Mayor calls on pet owners in Inuvik, N.W.T., to take more responsibility after 2 loose dogs killed by vehicle
'Please look after your dogs and remember bylaw officers are people too'
The mayor of Inuvik, N.W.T., is calling on residents to take more responsibility for their pets after a pair of dogs were struck and killed by a vehicle earlier this week.
The town issued a statement Monday saying RCMP and municipal enforcement officers had responded to a grisly scene early that morning. Two dogs were found dead after being hit in an intersection, the town said, after what was believed to be a fight between two male dogs over a female in heat.
Bylaw officers were also searching for a large white husky-shepherd mix dog that might have been injured in the incident, the town said.
"All these loose dogs at one time were owned by somebody. Some of them still are, and they just let them run, run loose," said Mayor Clarence Wood.

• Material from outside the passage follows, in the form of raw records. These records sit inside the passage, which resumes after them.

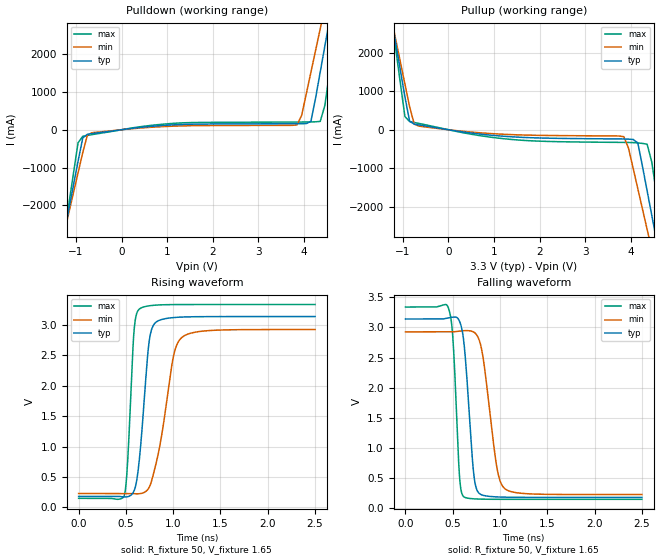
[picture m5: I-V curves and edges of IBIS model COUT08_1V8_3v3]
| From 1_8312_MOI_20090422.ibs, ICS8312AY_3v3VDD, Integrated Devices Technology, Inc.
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[Model] COUT08_1V8_3v3
Model_type   Output
Polarity   Non-Inverting
|   typ   min   max
C_comp   2pF   1.5pF   2.5pF
Vmeas = 1.65V
Rref = 50
Vref = 1.65V
|   typ   min   max
[Voltage range]   3.3V   3.135V   3.465V
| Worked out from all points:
|   slope of the pulldown table from 0 to 0.495 V, typ, clamps not added: 6.88 ohm
|   slope of the pullup table from 0 to 0.495 V, typ, clamps not added: 5.83 ohm
|   rising waveform, R_fixture 50, V_fixture 1.65: 20-80 % time 91.3ps typ, 165ps min, 57.6ps max; typ from 0.181 V to 3.14 V
|   falling waveform, R_fixture 50, V_fixture 1.65: 20-80 % time 79.4ps typ, 126ps min, 55.5ps max; typ from 3.14 V to 0.181 V
[pulldown]
|Voltage   I (typ)   I (min)   I (max)
-3.3V     -15.53A    -13.39A    -19.08A
-1.259V   -2.756A    -2.739A    -2.801A
-952.6mV  -833mA     -1.14A     -345.2mA
-850.5mV  -218.6mA   -607.6mA   -174.7mA
-646.4mV  -102mA     -79.42mA   -129.6mA
3.844V    159mA      127.2mA    203.8mA
4.151V    222.7mA    1.522A     206.6mA
4.355V    1.528A     2.671A     221.2mA
4.559V    2.913A     3.823A     1.532A
4.661V    3.607A     4.4A       2.419A
4.763V    4.301A     4.977A     3.307A
6.6V      17.06A     15.56A     19.6A
[pullup]
|Voltage   I (typ)   I (min)   I (max)
-3.3V     16.98A     14.61A     20.9A
-1.259V   2.959A     2.935A     3.016A
-952.6mV  850.4mA    1.182A     340.5mA
-850.5mV  221.4mA    597.4mA    213mA
-646.4mV  125.3mA    93.65mA    163.6mA
3.844V    -239.7mA   -179.7mA   -328.3mA
4.151V    -340.8mA   -1.527A    -342.5mA
4.355V    -1.582A    -2.581A    -373.9mA
4.457V    -2.217A    -3.11A     -836mA
4.661V    -3.487A    -4.167A    -2.459A
4.763V    -4.123A    -4.696A    -3.271A
6.6V      -15.57A    -14.23A    -17.87A
[Ramp]
|   typ   min   max
dV/dt_r   2.376/0.141n   2.163/0.251n   2.565/0.088n
dV/dt_f   2.393/0.121n   2.176/0.190n   2.586/0.086n
[Rising Waveform]
R_fixture = 50
V_fixture = 1.65
V_fixture_max = 1.73
V_fixture_min = 1.57
C_fixture = 0.0p
| Time   typ   min   max
0s        180.7mV    228.1mV    148.5mV
481.9ps   170.7mV    228.6mV    188.6mV
517.1ps   174.4mV    228.6mV    715mV
584.8ps   266.6mV    224.4mV    2.879V
642.6ps   790.3mV    224.5mV    3.264V
740.4ps   2.664V     313.6mV    3.317V
818.3ps   3.048V     717.1mV    3.329V
1.001ns   3.124V     2.476V     3.338V
1.094ns   3.133V     2.8V       3.339V
2.5ns     3.141V     2.927V     3.339V
[Falling Waveform]
R_fixture = 50
V_fixture = 1.65
V_fixture_max = 1.73
V_fixture_min = 1.57
C_fixture = 0.0p
| Time   typ   min   max
0s        3.141V     2.927V     3.339V
459.3ps   3.161V     2.926V     3.299V
504.5ps   3.172V     2.927V     2.744V
572.3ps   3.1V       2.939V     508.3mV
617.5ps   2.752V     2.946V     190.8mV
717.9ps   627.2mV    2.927V     157.1mV
780.6ps   245.4mV    2.786V     152.3mV
963.8ps   188.5mV    700.6mV    148.9mV
1.044ns   184.3mV    334.5mV    148.6mV
2.5ns     180.7mV    228.1mV    148.5mV

Wood doesn't believe dogs are any bigger of a problem in Inuvik than they've been in the past two decades. But, he said, the issue is more visible now because the local pound can't send dogs south for adoption as easily.
That's because shelters in the South, like Inuvik's pound, are full.
Wood also said part of the problem is dogs aren't registered with the local pound in Inuvik.
"So when they're picked up, we have no idea who they belong to. They sit in the pound and the owners obviously don't come and get them."
What people can do to help ease the town's dog problem, he said, is "be more responsible pet owners, quite frankly."
That means not letting them run loose, and getting them licensed.
Wood also recently posted on an Inuvik Facebook group defending the role the town's municipal enforcement officers play in managing stray and loose dogs. He said he felt compelled to do so, after seeing "posts critical of bylaw officers on social media.
"The residents of Inuvik are extremely lucky that we have two competent and caring individuals doing this job," Wood wrote in his post, calling their work a thankless job. "It is very difficult, sometimes impossible to track down and catch a stray dog who doesn't want to be caught, who may be vicious or just leery of strangers. Yet bylaw constantly faces these situations."
Wood added that bylaw fields calls at all hours of the day about stray dogs, and often when they reach a location, the animals are nowhere to be found.
"Please look after your dogs and remember bylaw officers are people too, your friends, your neighbours and your family. Treat them with respect and realize [picking up stray] dogs are only part of the many jobs they do."